Aim of the exercise:
Find the string "name" in the material. Copy every line that has it.

Data extract:
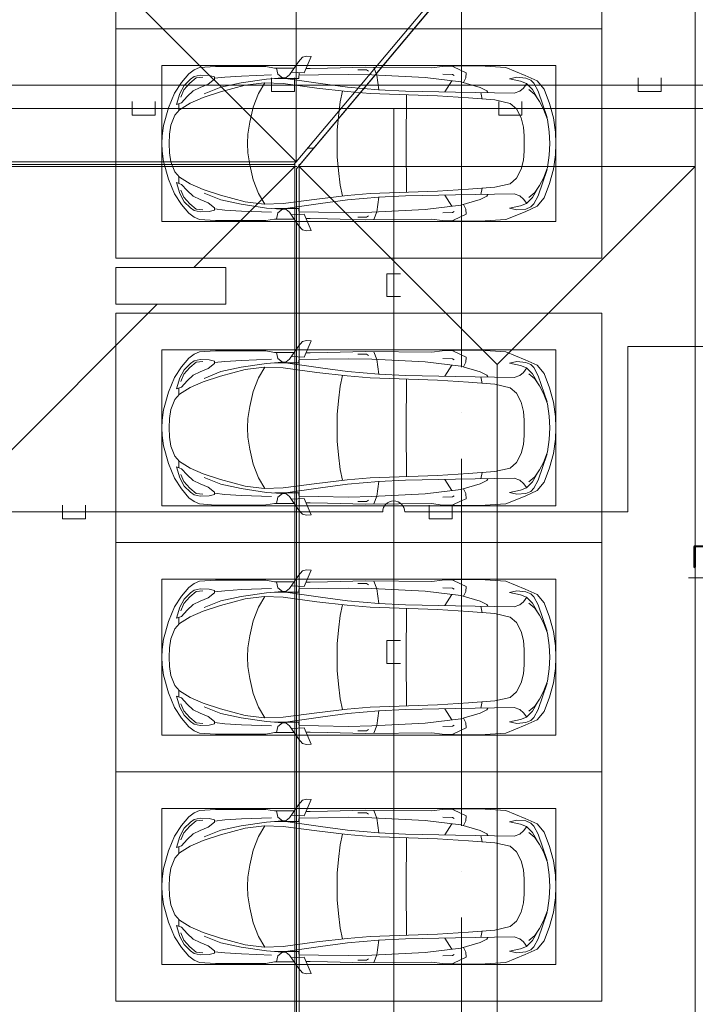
# Model space of a CAD drawing. Header units: millimetres. Extents: x -32229 to 169101, y -13689 to 125138.
# Tile 250 of 256: x 81785 to 89155, y 60965 to 71700. Entities that reach past the tile are written whole.
import ezdxf

# ---------------------------------------------------------------- set-up
doc = ezdxf.new("R2010")
doc.units = ezdxf.units.MM
doc.linetypes.add('ADSK_Линия сетки', pattern=[5000, 4000, -500, 0, -500])
doc.layers.add('A-DETL-____-OTLN', color=7, linetype='Continuous', lineweight=9, true_color=0x00a600)
for name, color, linetype, lineweight in [('A-DETL-____-THIN', 7, 'Continuous', 9), ('A-DETL-GENF-OTLN', 7, 'Continuous', 18), ('A-FLOR-____-OTLN', 7, 'Continuous', 18), ('A-GENM-____-OTLN', 7, 'Continuous', 18), ('C-PRKG-____-OTLN', 7, 'Continuous', 18), ('G-____-____-TEXT', 7, 'Continuous', 9), ('S-COLS-____-MCUT', 7, 'Continuous', 40), ('S-GRID-____-OTLN', 7, 'Continuous', 9)]:
    doc.layers.add(name, color=color, linetype=linetype, lineweight=lineweight)
doc.styles.add('ISOCPEUR', font='isocpeur.ttf', dxfattribs={"height": 250})

# ---------------------------------------------------------------- blocks, each defined once
blk = doc.blocks.new('АР_Машиноместо - 5300x2500_С-V8--01 ЭМ')
at = {"layer": 'A-DETL-GENF-OTLN', "color": 253, "lineweight": 13, "true_color": 0xaaaaaa}
for p, q in [((813, 4729), (659, 4670)), ((970, 4772), (813, 4729)), ((1126, 4794), (970, 4772)), ((1122, 4726), (988, 4707)), ((1250, 4732), (1122, 4726)), ((1250, 4800), (1126, 4794)), ((1250, 4800), (1374, 4794)), ((1250, 4732), (1378, 4726)), ((1374, 4794), (1530, 4772)), ((1378, 4726), (1512, 4707)), ((1530, 4772), (1687, 4729)), ((1687, 4729), (1841, 4670)), ((659, 4670), (566, 4595)), ((788, 4618), (662, 4543)), ((681, 4606), (967, 4704)), ((791, 4620), (717, 4569)), ((874, 4665), (791, 4620)), ((988, 4707), (874, 4665)), ((1512, 4707), (1626, 4665)), ((1819, 4606), (1533, 4704)), ((1626, 4665), (1709, 4620)), ((1709, 4620), (1783, 4569)), ((1712, 4618), (1838, 4543)), ((1841, 4670), (1934, 4595)), ((566, 4595), (507, 4463)), ((536, 4471), (558, 4526)), ((558, 4526), (591, 4560)), ((591, 4560), (681, 4606)), ((662, 4543), (595, 4479)), ((717, 4569), (660, 4505)), ((1783, 4569), (1840, 4505)), ((1909, 4560), (1819, 4606)), ((1838, 4543), (1905, 4479)), ((1942, 4526), (1909, 4560)), ((1934, 4595), (1993, 4463)), ((1964, 4471), (1942, 4526)), ((507, 4463), (420, 4254)), ((528, 4375), (536, 4471)), ((569, 4413), (544, 4295)), ((595, 4479), (569, 4413)), ((645, 4445), (597, 4481)), ((680, 4406), (645, 4445)), ((700, 4345), (680, 4406)), ((873, 4370), (970, 4419)), ((970, 4419), (1070, 4447)), ((1070, 4447), (1167, 4453)), ((1167, 4453), (1250, 4454)), ((1333, 4453), (1250, 4454)), ((1430, 4447), (1333, 4453)), ((1530, 4419), (1430, 4447)), ((1627, 4370), (1530, 4419)), ((1800, 4345), (1820, 4406)), ((1820, 4406), (1855, 4445)), ((1855, 4445), (1903, 4481)), ((1905, 4479), (1931, 4413)), ((1931, 4413), (1956, 4295)), ((1972, 4375), (1964, 4471)), ((1993, 4463), (2080, 4254)), ((544, 4295), (528, 4375)), ((689, 3706), (700, 4345)), ((774, 4133), (812, 4299)), ((812, 4299), (873, 4370)), ((1688, 4299), (1627, 4370)), ((1726, 4133), (1688, 4299)), ((1811, 3706), (1800, 4345)), ((1956, 4295), (1972, 4375)), ((420, 4254), (403, 3968)), ((2080, 4254), (2097, 3968)), ((752, 3846), (774, 4133)), ((1748, 3846), (1726, 4133)), ((579, 3763), (639, 3975)), ((639, 3975), (675, 4045)), ((675, 4045), (695, 4058)), ((1825, 4045), (1805, 4058)), ((1861, 3975), (1825, 4045)), ((1921, 3763), (1861, 3975)), ((403, 3968), (406, 3688)), ((2097, 3968), (2094, 3688)), ((408, 3667), (453, 3766)), ((453, 3766), (478, 3819)), ((478, 3819), (533, 3818)), ((531, 3375), (579, 3763)), ((533, 3818), (586, 3790)), ((731, 3508), (752, 3846)), ((1769, 3508), (1748, 3846)), ((1967, 3818), (1914, 3790)), ((1969, 3375), (1921, 3763)), ((2022, 3819), (1967, 3818)), ((2047, 3766), (2022, 3819)), ((2092, 3667), (2047, 3766)), ((406, 3688), (409, 3560)), ((495, 3566), (497, 3672)), ((497, 3672), (510, 3691)), ((687, 3589), (566, 3664)), ((679, 3159), (689, 3706)), ((1821, 3159), (1811, 3706)), ((1813, 3589), (1934, 3664)), ((2003, 3672), (1990, 3691)), ((2005, 3566), (2003, 3672)), ((2094, 3688), (2091, 3560)), ((409, 3560), (426, 3447)), ((2091, 3560), (2074, 3447)), ((426, 3447), (418, 2723)), ((705, 2775), (731, 3508)), ((1795, 2775), (1769, 3508)), ((2074, 3447), (2082, 2723)), ((501, 2790), (531, 3375)), ((1999, 2790), (1969, 3375)), ((666, 2865), (679, 3159)), ((1834, 2865), (1821, 3159)), ((505, 2847), (421, 2813)), ((666, 2867), (505, 2847)), ((637, 2526), (666, 2867)), ((1834, 2867), (1995, 2847)), ((1863, 2526), (1834, 2867)), ((1995, 2847), (2079, 2813)), ((418, 2723), (428, 2308)), ((448, 2734), (460, 2756)), ((448, 2639), (448, 2734)), ((496, 2532), (501, 2790)), ((684, 2522), (705, 2775)), ((1816, 2522), (1795, 2775)), ((2004, 2532), (1999, 2790)), ((2052, 2734), (2040, 2756)), ((2052, 2639), (2052, 2734)), ((2082, 2723), (2072, 2308)), ((500, 2210), (496, 2532)), ((637, 2526), (597, 2231)), ((645, 2192), (684, 2522)), ((1855, 2192), (1816, 2522)), ((1863, 2526), (1903, 2231)), ((2000, 2210), (2004, 2532)), ((428, 2308), (432, 2120)), ((2072, 2308), (2068, 2120)), ((506, 1996), (500, 2210)), ((597, 2231), (535, 1798)), ((596, 1825), (645, 2192)), ((1904, 1825), (1855, 2192)), ((1903, 2231), (1965, 1798)), ((1994, 1996), (2000, 2210)), ((297, 2080), (301, 2131)), ((309, 2036), (297, 2080)), ((301, 2131), (480, 2053)), ((432, 2120), (431, 2074)), ((480, 2053), (471, 1914)), ((2199, 2131), (2020, 2053)), ((2020, 2053), (2029, 1914)), ((2068, 2120), (2069, 2074)), ((2191, 2036), (2203, 2080)), ((2203, 2080), (2199, 2131)), ((358, 1990), (309, 2036)), ((501, 1894), (358, 1990)), ((427, 1731), (427, 1943)), ((541, 1994), (476, 1998)), ((541, 1994), (540, 1733)), ((1959, 1994), (2024, 1998)), ((1959, 1994), (1960, 1733)), ((1999, 1894), (2142, 1990)), ((2073, 1731), (2073, 1943)), ((2142, 1990), (2191, 2036)), ((531, 1858), (501, 1894)), ((547, 1643), (531, 1858)), ((1953, 1643), (1969, 1858)), ((1969, 1858), (1999, 1894)), ((411, 1634), (427, 1731)), ((495, 1765), (427, 1753)), ((534, 1817), (495, 1765)), ((589, 1616), (596, 1825)), ((1911, 1616), (1904, 1825)), ((1966, 1817), (2005, 1765)), ((2005, 1765), (2073, 1753)), ((2089, 1634), (2073, 1731)), ((409, 1087), (411, 1634)), ((615, 1410), (589, 1616)), ((590, 1624), (704, 1557)), ((1910, 1624), (1796, 1557)), ((1885, 1410), (1911, 1616)), ((2091, 1087), (2089, 1634)), ((704, 1557), (853, 1499)), ((1796, 1557), (1647, 1499)), ((687, 1141), (615, 1410)), ((853, 1499), (1017, 1460)), ((1017, 1460), (1147, 1439)), ((1147, 1439), (1250, 1434)), ((1353, 1439), (1250, 1434)), ((1483, 1460), (1353, 1439)), ((1647, 1499), (1483, 1460)), ((1813, 1141), (1885, 1410)), ((421, 911), (409, 1087)), ((510, 1019), (522, 1074)), ((522, 1074), (549, 1076)), ((549, 1076), (603, 1005)), ((749, 950), (687, 1141)), ((1751, 950), (1813, 1141)), ((1951, 1076), (1897, 1005)), ((1978, 1074), (1951, 1076)), ((1990, 1019), (1978, 1074)), ((2079, 911), (2091, 1087)), ((506, 920), (510, 1019)), ((603, 1005), (639, 920)), ((1897, 1005), (1861, 920)), ((1994, 920), (1990, 1019)), ((446, 853), (421, 911)), ((519, 852), (506, 920)), ((639, 920), (677, 844)), ((809, 809), (749, 950)), ((1691, 809), (1751, 950)), ((1861, 920), (1823, 844)), ((1981, 852), (1994, 920)), ((2054, 853), (2079, 911)), ((489, 796), (446, 853)), ((584, 715), (489, 796)), ((550, 812), (519, 852)), ((616, 746), (550, 812)), ((677, 844), (738, 778)), ((738, 778), (805, 716)), ((882, 692), (809, 809)), ((1618, 692), (1691, 809)), ((1762, 778), (1695, 716)), ((1823, 844), (1762, 778)), ((1884, 746), (1950, 812)), ((1916, 715), (2011, 796)), ((1950, 812), (1981, 852)), ((2011, 796), (2054, 853)), ((702, 640), (584, 715)), ((704, 696), (616, 746)), ((825, 661), (704, 696)), ((805, 716), (825, 661)), ((888, 686), (815, 687)), ((941, 642), (882, 692)), ((1559, 642), (1618, 692)), ((1612, 686), (1685, 687)), ((1695, 716), (1675, 661)), ((1675, 661), (1796, 696)), ((1796, 696), (1884, 746)), ((1798, 640), (1916, 715)), ((862, 572), (702, 640)), ((1053, 518), (862, 572)), ((1051, 599), (941, 642)), ((1149, 583), (1051, 599)), ((1250, 582), (1149, 583)), ((1250, 582), (1351, 583)), ((1351, 583), (1449, 599)), ((1447, 518), (1638, 572)), ((1449, 599), (1559, 642)), ((1638, 572), (1798, 640)), ((1165, 503), (1053, 518)), ((1250, 500), (1165, 503)), ((1250, 500), (1335, 503)), ((1335, 503), (1447, 518))]:
    blk.add_line(p, q, dxfattribs=at)
at = {"layer": 'A-DETL-GENF-OTLN', "color": 254, "lineweight": 13, "true_color": 0xd4d4d4}
for p, q in [((695, 3980), (765, 3997)), ((1805, 3980), (1735, 3997)), ((715, 3168), (1250, 3167)), ((1785, 3168), (1250, 3167)), ((678, 2473), (795, 2446)), ((1822, 2473), (1705, 2446)), ((795, 2446), (956, 2427)), ((956, 2427), (1105, 2414)), ((1105, 2414), (1250, 2413)), ((1395, 2414), (1250, 2413)), ((1544, 2427), (1395, 2414)), ((1705, 2446), (1544, 2427)), ((514, 1369), (502, 1696)), ((590, 1368), (547, 1643)), ((1910, 1368), (1953, 1643)), ((1986, 1369), (1998, 1696)), ((525, 1189), (514, 1369)), ((637, 1146), (590, 1368)), ((1863, 1146), (1910, 1368)), ((1975, 1189), (1986, 1369)), ((537, 1076), (525, 1189)), ((1963, 1076), (1975, 1189)), ((710, 963), (637, 1146)), ((1790, 963), (1863, 1146)), ((535, 874), (528, 949)), ((592, 805), (535, 874)), ((1908, 805), (1965, 874)), ((1965, 874), (1972, 949)), ((665, 740), (592, 805)), ((1835, 740), (1908, 805)), ((743, 708), (665, 740)), ((1757, 708), (1835, 740))]:
    blk.add_line(p, q, dxfattribs=at)
at = {"layer": 'C-PRKG-____-OTLN', "color": 253, "lineweight": 13, "true_color": 0xaaaaaa}
for p, q in [((2500, 5300), (0, 5300)), ((0, 0), (0, 5300)), ((2500, 0), (2500, 5300)), ((400, 4800), (2100, 4800)), ((400, 500), (400, 4800)), ((2100, 500), (2100, 4800)), ((400, 500), (2100, 500)), ((2500, 0), (0, 0))]:
    blk.add_line(p, q, dxfattribs=at)
blk = doc.blocks.new('АР_Машиноместо - 5300x2500_С-V10--01 ЭМ')
at = {"layer": 'A-DETL-GENF-OTLN', "color": 253, "lineweight": 13, "true_color": 0xaaaaaa}
for p, q in [((1053, -518), (862, -572)), ((1165, -503), (1053, -518)), ((1250, -500), (1165, -503)), ((1250, -500), (1335, -503)), ((1335, -503), (1447, -518)), ((1447, -518), (1638, -572)), ((702, -640), (584, -715)), ((862, -572), (702, -640)), ((941, -642), (882, -692)), ((1051, -599), (941, -642)), ((1149, -583), (1051, -599)), ((1250, -582), (1149, -583)), ((1250, -582), (1351, -583)), ((1351, -583), (1449, -599)), ((1449, -599), (1559, -642)), ((1559, -642), (1618, -692)), ((1638, -572), (1798, -640)), ((1798, -640), (1916, -715)), ((584, -715), (489, -796)), ((616, -746), (550, -812)), ((704, -696), (616, -746)), ((825, -661), (704, -696)), ((738, -778), (805, -716)), ((805, -716), (825, -661)), ((882, -692), (809, -809)), ((888, -686), (815, -687)), ((1612, -686), (1685, -687)), ((1618, -692), (1691, -809)), ((1695, -716), (1675, -661)), ((1675, -661), (1796, -696)), ((1762, -778), (1695, -716)), ((1796, -696), (1884, -746)), ((1884, -746), (1950, -812)), ((1916, -715), (2011, -796)), ((446, -853), (421, -911)), ((489, -796), (446, -853)), ((519, -852), (506, -920)), ((550, -812), (519, -852)), ((639, -920), (677, -844)), ((677, -844), (738, -778)), ((809, -809), (749, -950)), ((1691, -809), (1751, -950)), ((1823, -844), (1762, -778)), ((1861, -920), (1823, -844)), ((1950, -812), (1981, -852)), ((1981, -852), (1994, -920)), ((2011, -796), (2054, -853)), ((2054, -853), (2079, -911)), ((421, -911), (409, -1087)), ((506, -920), (510, -1019)), ((603, -1005), (639, -920)), ((749, -950), (687, -1141)), ((1751, -950), (1813, -1141)), ((1897, -1005), (1861, -920)), ((1994, -920), (1990, -1019)), ((2079, -911), (2091, -1087)), ((510, -1019), (522, -1074)), ((549, -1076), (603, -1005)), ((1951, -1076), (1897, -1005)), ((1990, -1019), (1978, -1074)), ((409, -1087), (411, -1634)), ((522, -1074), (549, -1076)), ((687, -1141), (615, -1410)), ((1813, -1141), (1885, -1410)), ((1978, -1074), (1951, -1076)), ((2091, -1087), (2089, -1634)), ((615, -1410), (589, -1616)), ((704, -1557), (853, -1499)), ((853, -1499), (1017, -1460)), ((1017, -1460), (1147, -1439)), ((1147, -1439), (1250, -1434)), ((1353, -1439), (1250, -1434)), ((1483, -1460), (1353, -1439)), ((1647, -1499), (1483, -1460)), ((1796, -1557), (1647, -1499)), ((1885, -1410), (1911, -1616)), ((590, -1624), (704, -1557)), ((1910, -1624), (1796, -1557)), ((411, -1634), (427, -1731)), ((547, -1643), (531, -1858)), ((589, -1616), (596, -1825)), ((1911, -1616), (1904, -1825)), ((1953, -1643), (1969, -1858)), ((2089, -1634), (2073, -1731)), ((427, -1731), (427, -1943)), ((495, -1765), (427, -1753)), ((534, -1817), (495, -1765)), ((597, -2231), (535, -1798)), ((541, -1994), (540, -1733)), ((596, -1825), (645, -2192)), ((1904, -1825), (1855, -2192)), ((1903, -2231), (1965, -1798)), ((1959, -1994), (1960, -1733)), ((1966, -1817), (2005, -1765)), ((2005, -1765), (2073, -1753)), ((2073, -1731), (2073, -1943)), ((501, -1894), (358, -1990)), ((480, -2053), (471, -1914)), ((531, -1858), (501, -1894)), ((1969, -1858), (1999, -1894)), ((1999, -1894), (2142, -1990)), ((2020, -2053), (2029, -1914)), ((309, -2036), (297, -2080)), ((358, -1990), (309, -2036)), ((541, -1994), (476, -1998)), ((506, -1996), (500, -2210)), ((1959, -1994), (2024, -1998)), ((1994, -1996), (2000, -2210)), ((2142, -1990), (2191, -2036)), ((2191, -2036), (2203, -2080)), ((297, -2080), (301, -2131)), ((301, -2131), (480, -2053)), ((428, -2308), (432, -2120)), ((432, -2120), (431, -2074)), ((2199, -2131), (2020, -2053)), ((2068, -2120), (2069, -2074)), ((2072, -2308), (2068, -2120)), ((2203, -2080), (2199, -2131)), ((500, -2210), (496, -2532)), ((637, -2526), (597, -2231)), ((645, -2192), (684, -2522)), ((1855, -2192), (1816, -2522)), ((1863, -2526), (1903, -2231)), ((2000, -2210), (2004, -2532)), ((418, -2723), (428, -2308)), ((2082, -2723), (2072, -2308)), ((496, -2532), (501, -2790)), ((637, -2526), (666, -2867)), ((684, -2522), (705, -2775)), ((1816, -2522), (1795, -2775)), ((1863, -2526), (1834, -2867)), ((2004, -2532), (1999, -2790)), ((448, -2639), (448, -2734)), ((2052, -2639), (2052, -2734)), ((426, -3447), (418, -2723)), ((448, -2734), (460, -2756)), ((501, -2790), (531, -3375)), ((705, -2775), (731, -3508)), ((1795, -2775), (1769, -3508)), ((1999, -2790), (1969, -3375)), ((2052, -2734), (2040, -2756)), ((2074, -3447), (2082, -2723)), ((505, -2847), (421, -2813)), ((666, -2867), (505, -2847)), ((666, -2865), (679, -3159)), ((1834, -2865), (1821, -3159)), ((1834, -2867), (1995, -2847)), ((1995, -2847), (2079, -2813)), ((679, -3159), (689, -3706)), ((1821, -3159), (1811, -3706)), ((531, -3375), (579, -3763)), ((1969, -3375), (1921, -3763)), ((409, -3560), (426, -3447)), ((731, -3508), (752, -3846)), ((1769, -3508), (1748, -3846)), ((2091, -3560), (2074, -3447)), ((406, -3688), (409, -3560)), ((495, -3566), (497, -3672)), ((687, -3589), (566, -3664)), ((1813, -3589), (1934, -3664)), ((2005, -3566), (2003, -3672)), ((2094, -3688), (2091, -3560)), ((403, -3968), (406, -3688)), ((408, -3667), (453, -3766)), ((497, -3672), (510, -3691)), ((689, -3706), (700, -4345)), ((1811, -3706), (1800, -4345)), ((2003, -3672), (1990, -3691)), ((2092, -3667), (2047, -3766)), ((2097, -3968), (2094, -3688)), ((453, -3766), (478, -3819)), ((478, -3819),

Finished exercise:
for name, color, linetype, lineweight in [('A-DETL-____-THIN', 7, 'Continuous', 9), ('A-DETL-GENF-OTLN', 7, 'Continuous', 18), ('A-FLOR-____-OTLN', 7, 'Continuous', 18), ('A-GENM-____-OTLN', 7, 'Continuous', 18), ('C-PRKG-____-OTLN', 7, 'Continuous', 18), ('G-____-____-TEXT', 7, 'Continuous', 9), ('S-COLS-____-MCUT', 7, 'Continuous', 40), ('S-GRID-____-OTLN', 7, 'Continuous', 9)]:
    doc.layers.add(name, color=color, linetype=linetype, lineweight=lineweight)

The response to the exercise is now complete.